What needs to be done | Please tally the lines below that contain the string "parent" and reply with that figure only.

---------- Records for the exercise

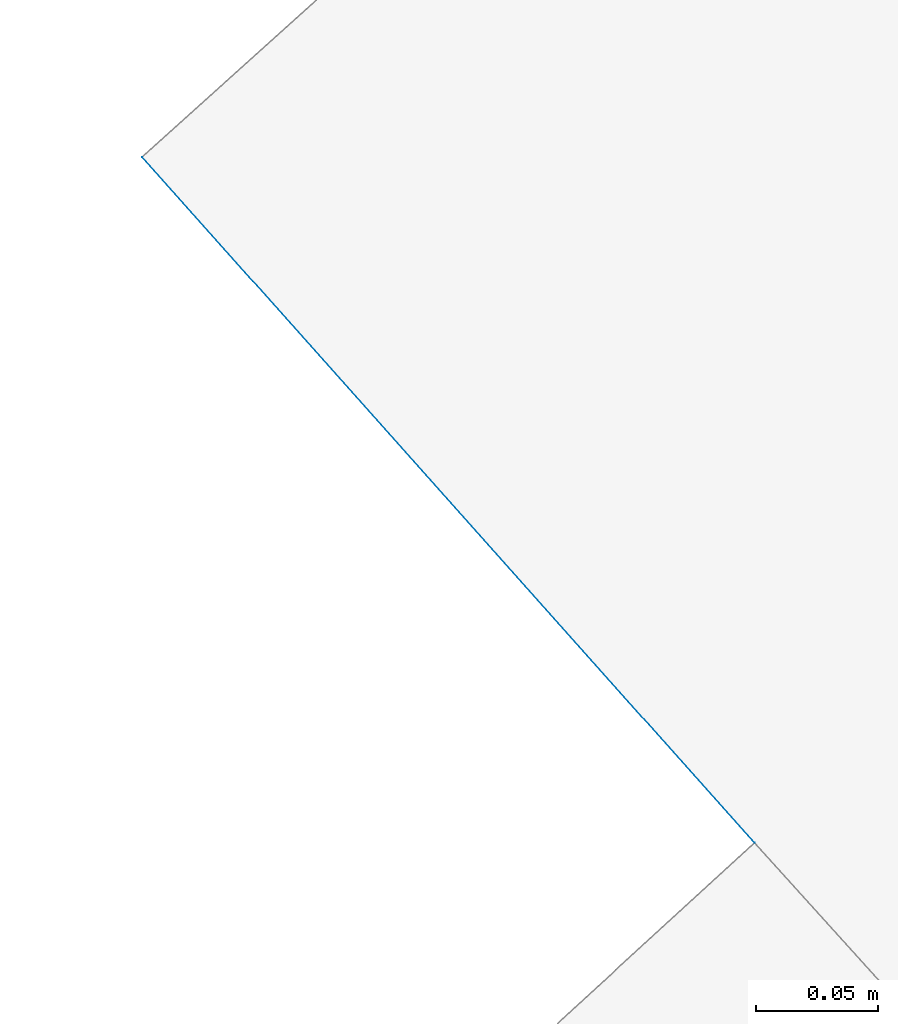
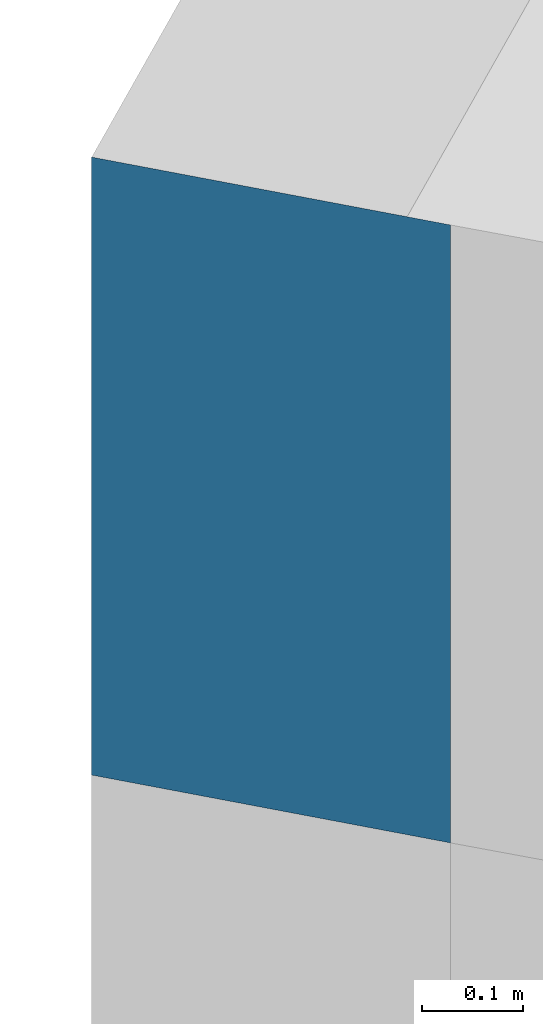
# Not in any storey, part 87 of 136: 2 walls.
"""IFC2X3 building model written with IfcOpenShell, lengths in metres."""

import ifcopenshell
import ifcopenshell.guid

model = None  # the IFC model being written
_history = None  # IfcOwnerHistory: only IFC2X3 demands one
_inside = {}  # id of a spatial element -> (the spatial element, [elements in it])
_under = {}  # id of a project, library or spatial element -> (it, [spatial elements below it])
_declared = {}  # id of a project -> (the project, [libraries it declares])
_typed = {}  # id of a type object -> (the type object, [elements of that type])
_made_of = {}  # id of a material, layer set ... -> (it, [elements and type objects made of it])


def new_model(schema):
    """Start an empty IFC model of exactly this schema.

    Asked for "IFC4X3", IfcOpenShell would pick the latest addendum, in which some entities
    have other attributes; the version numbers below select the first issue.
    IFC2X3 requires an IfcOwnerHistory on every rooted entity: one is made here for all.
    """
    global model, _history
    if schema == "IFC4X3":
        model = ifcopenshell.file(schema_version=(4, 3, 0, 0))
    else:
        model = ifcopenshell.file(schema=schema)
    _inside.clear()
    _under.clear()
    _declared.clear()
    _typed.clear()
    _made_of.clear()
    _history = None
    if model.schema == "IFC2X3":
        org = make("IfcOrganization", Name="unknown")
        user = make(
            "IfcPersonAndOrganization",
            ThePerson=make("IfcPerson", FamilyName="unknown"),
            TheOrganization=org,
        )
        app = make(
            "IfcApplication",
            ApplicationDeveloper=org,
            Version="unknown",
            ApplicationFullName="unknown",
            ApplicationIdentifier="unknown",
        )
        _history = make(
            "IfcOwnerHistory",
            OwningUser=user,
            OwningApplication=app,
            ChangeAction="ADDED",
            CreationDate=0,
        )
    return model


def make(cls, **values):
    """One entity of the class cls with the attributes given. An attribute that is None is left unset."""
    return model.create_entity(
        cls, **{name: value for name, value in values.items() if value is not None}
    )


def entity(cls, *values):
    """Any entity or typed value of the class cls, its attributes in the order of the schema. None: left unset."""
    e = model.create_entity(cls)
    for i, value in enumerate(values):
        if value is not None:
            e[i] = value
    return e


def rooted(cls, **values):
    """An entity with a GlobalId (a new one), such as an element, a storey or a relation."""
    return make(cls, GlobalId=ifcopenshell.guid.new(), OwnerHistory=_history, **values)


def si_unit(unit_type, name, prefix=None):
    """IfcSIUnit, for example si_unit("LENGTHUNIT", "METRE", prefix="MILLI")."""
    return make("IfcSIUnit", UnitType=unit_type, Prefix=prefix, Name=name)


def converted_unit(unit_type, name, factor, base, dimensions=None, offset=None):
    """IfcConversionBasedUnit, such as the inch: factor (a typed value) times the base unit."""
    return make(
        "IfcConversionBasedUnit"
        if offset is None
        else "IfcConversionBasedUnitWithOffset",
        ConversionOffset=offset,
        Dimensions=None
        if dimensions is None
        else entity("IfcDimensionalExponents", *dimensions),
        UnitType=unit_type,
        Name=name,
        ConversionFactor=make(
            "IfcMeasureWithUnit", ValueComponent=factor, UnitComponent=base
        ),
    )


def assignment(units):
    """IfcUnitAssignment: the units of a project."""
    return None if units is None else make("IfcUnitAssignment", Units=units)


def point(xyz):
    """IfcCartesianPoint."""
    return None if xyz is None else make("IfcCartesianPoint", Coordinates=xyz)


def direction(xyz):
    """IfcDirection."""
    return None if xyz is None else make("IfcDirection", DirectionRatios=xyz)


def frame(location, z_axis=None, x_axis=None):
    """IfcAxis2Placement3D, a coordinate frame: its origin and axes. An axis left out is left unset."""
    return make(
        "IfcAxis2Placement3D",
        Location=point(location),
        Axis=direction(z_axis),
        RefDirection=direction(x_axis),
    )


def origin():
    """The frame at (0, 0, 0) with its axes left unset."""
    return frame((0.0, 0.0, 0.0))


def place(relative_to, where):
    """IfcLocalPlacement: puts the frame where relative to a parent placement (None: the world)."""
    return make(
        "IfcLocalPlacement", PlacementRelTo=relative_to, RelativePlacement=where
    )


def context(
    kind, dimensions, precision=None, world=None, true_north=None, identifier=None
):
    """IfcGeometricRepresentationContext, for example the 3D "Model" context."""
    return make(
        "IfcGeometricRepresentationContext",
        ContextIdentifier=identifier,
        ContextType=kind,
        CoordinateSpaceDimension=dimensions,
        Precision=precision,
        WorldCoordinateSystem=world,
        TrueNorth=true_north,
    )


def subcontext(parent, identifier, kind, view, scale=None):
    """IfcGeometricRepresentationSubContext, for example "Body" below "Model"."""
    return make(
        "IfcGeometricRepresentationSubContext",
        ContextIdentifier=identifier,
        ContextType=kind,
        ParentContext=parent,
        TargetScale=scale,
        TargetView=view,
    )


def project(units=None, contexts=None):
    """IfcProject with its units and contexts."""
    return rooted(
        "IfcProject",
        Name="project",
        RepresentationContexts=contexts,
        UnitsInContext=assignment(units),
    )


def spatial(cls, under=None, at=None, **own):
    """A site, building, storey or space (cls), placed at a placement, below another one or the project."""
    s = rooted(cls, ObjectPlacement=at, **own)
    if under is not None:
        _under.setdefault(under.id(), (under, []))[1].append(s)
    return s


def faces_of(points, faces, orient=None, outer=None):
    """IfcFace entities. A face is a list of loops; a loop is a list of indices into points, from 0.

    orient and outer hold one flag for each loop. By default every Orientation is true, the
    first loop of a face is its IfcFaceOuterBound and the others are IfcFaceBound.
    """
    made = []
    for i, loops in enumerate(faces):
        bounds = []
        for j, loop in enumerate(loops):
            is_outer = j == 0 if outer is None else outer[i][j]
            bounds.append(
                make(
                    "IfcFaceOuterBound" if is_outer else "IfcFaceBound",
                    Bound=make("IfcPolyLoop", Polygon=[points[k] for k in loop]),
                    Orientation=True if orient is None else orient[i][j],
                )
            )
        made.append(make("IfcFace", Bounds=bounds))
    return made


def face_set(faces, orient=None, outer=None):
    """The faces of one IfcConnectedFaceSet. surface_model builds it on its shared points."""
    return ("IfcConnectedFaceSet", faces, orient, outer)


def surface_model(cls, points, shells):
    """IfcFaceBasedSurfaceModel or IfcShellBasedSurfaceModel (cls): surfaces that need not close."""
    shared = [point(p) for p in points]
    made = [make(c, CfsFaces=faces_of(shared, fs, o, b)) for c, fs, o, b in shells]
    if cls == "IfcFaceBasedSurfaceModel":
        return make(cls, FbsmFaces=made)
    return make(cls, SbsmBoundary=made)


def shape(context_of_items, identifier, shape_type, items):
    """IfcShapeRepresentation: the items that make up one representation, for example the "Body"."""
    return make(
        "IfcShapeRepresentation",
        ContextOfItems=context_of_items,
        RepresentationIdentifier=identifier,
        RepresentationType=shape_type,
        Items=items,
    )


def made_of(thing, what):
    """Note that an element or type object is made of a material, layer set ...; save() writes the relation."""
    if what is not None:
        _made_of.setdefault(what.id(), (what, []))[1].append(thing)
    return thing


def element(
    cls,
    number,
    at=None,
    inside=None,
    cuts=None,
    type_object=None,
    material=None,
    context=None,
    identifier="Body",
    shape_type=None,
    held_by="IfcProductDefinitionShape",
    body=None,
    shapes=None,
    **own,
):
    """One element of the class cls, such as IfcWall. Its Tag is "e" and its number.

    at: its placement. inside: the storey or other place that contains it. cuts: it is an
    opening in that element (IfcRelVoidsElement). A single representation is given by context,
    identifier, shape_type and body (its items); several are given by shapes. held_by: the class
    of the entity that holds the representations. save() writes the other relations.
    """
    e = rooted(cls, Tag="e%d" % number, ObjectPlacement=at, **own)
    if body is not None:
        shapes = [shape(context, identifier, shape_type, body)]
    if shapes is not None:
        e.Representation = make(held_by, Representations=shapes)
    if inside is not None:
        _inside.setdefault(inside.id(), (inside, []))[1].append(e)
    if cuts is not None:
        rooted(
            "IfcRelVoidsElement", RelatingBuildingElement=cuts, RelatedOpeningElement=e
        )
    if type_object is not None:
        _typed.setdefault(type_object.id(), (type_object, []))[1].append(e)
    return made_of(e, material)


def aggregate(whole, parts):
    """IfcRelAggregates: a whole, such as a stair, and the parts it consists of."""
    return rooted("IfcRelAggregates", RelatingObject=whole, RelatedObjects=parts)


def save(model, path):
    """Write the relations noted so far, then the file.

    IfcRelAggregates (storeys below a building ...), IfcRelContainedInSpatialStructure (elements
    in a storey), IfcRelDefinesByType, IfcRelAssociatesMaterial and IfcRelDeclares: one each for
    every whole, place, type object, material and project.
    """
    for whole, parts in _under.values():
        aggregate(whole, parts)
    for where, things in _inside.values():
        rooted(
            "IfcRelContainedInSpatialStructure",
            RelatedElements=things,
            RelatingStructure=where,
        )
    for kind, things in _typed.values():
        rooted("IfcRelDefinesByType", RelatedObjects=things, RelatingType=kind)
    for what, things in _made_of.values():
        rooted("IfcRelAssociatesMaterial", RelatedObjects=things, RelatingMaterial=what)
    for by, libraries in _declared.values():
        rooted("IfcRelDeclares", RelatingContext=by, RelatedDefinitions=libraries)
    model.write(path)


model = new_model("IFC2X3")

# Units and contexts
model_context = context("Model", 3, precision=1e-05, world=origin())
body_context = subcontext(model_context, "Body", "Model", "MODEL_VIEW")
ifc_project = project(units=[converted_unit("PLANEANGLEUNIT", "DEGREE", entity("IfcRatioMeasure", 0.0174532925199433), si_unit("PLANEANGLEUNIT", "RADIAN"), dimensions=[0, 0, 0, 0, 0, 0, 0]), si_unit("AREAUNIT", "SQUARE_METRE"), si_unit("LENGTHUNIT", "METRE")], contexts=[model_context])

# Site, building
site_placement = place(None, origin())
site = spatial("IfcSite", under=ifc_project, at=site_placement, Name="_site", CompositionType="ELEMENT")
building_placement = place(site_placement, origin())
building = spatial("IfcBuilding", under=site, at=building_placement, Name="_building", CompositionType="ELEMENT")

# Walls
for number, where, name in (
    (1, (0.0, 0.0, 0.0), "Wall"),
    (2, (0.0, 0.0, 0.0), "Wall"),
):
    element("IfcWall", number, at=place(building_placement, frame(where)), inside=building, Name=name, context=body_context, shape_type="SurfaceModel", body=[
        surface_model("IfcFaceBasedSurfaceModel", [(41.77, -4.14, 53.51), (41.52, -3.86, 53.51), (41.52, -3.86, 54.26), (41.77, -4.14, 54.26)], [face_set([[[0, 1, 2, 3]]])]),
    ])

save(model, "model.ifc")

--------------------

Solution below | 3